/error_correction

Primary LanguageC++Artistic License 2.0Artistic-2.0

Quake is a package to correct substitution sequencing errors in experiments with deep
coverage (e.g. >15X), specifically intended for Illumina sequencing reads.  Quake
adopts the k-mer error correction framework, first introduced by the EULER genome
assembly package.  Unlike EULER and similar programs, Quake utilizes a robust mixture
model of erroneous and genuine k-mer distributions to determine where errors are
located. Then Quake uses read quality values and learns the nucleotide to nucleotide
error rates to determine what types of errors are most likely. This leads to more
corrections and greater accuracy, especially with respect to avoiding
mis-corrections, which create false sequence dissimilar to anything in the original
genome sequence from which the read was taken.

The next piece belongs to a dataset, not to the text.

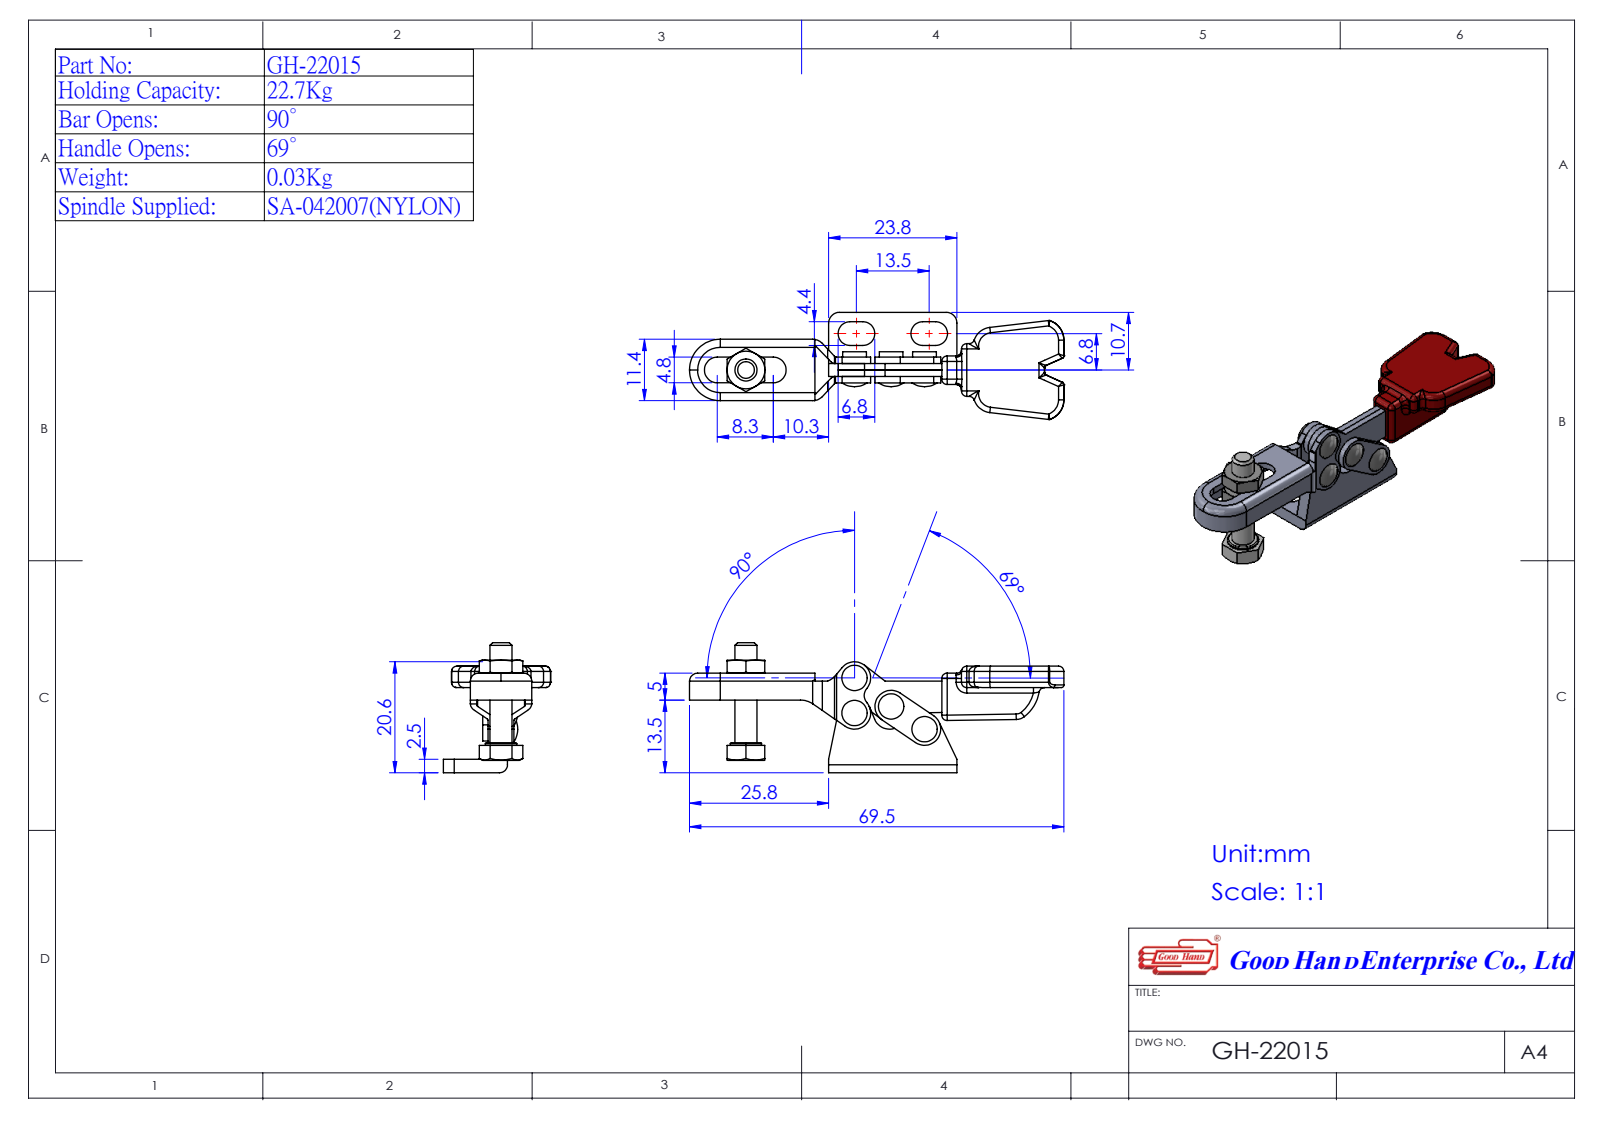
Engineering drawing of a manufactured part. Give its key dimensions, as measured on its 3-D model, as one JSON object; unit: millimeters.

Quake is freely available from http://www.cbcb.umd.edu/software/quake. Instructions
on how to use Quake can be found at
http://www.cbcb.umd.edu/software/quake/manual.html. Direct questions, concerns, and
feature requests to David Kelley (dakelley@umiacs.umd.edu).

Installation prerequisites:
1. Download and install Boost: http://www.boost.org
2. Open src/Makefile and update CFLAGS to include Boost.  E.g. if you used MacPorts, it may be:
CFLAGS=-O3 -fopenmp -I/opt/local/include -I.
3. Compile Quake by typing "make" in the src directory.
4. Download and install Jellyfish for counting k-mers: http://www.cbcb.umd.edu/software/jellyfish
5. Place a symbolic link to the jellyfish binary in Quake's bin directory, or update the variable "jellyfish_dir" in bin/quake.py to the directory containing the jellyfish binary.
6. Download and install R: http://www.r-project.org
7. Download and install R VGAM library via R command install.packages("VGAM")

Both Boost and R are easily installed via an installation helper e.g. MacPorts (http://www.macports.org) for Mac, and a command such as "sudo port install boost".

To complete the installation, run the command "make" in the src/ directory.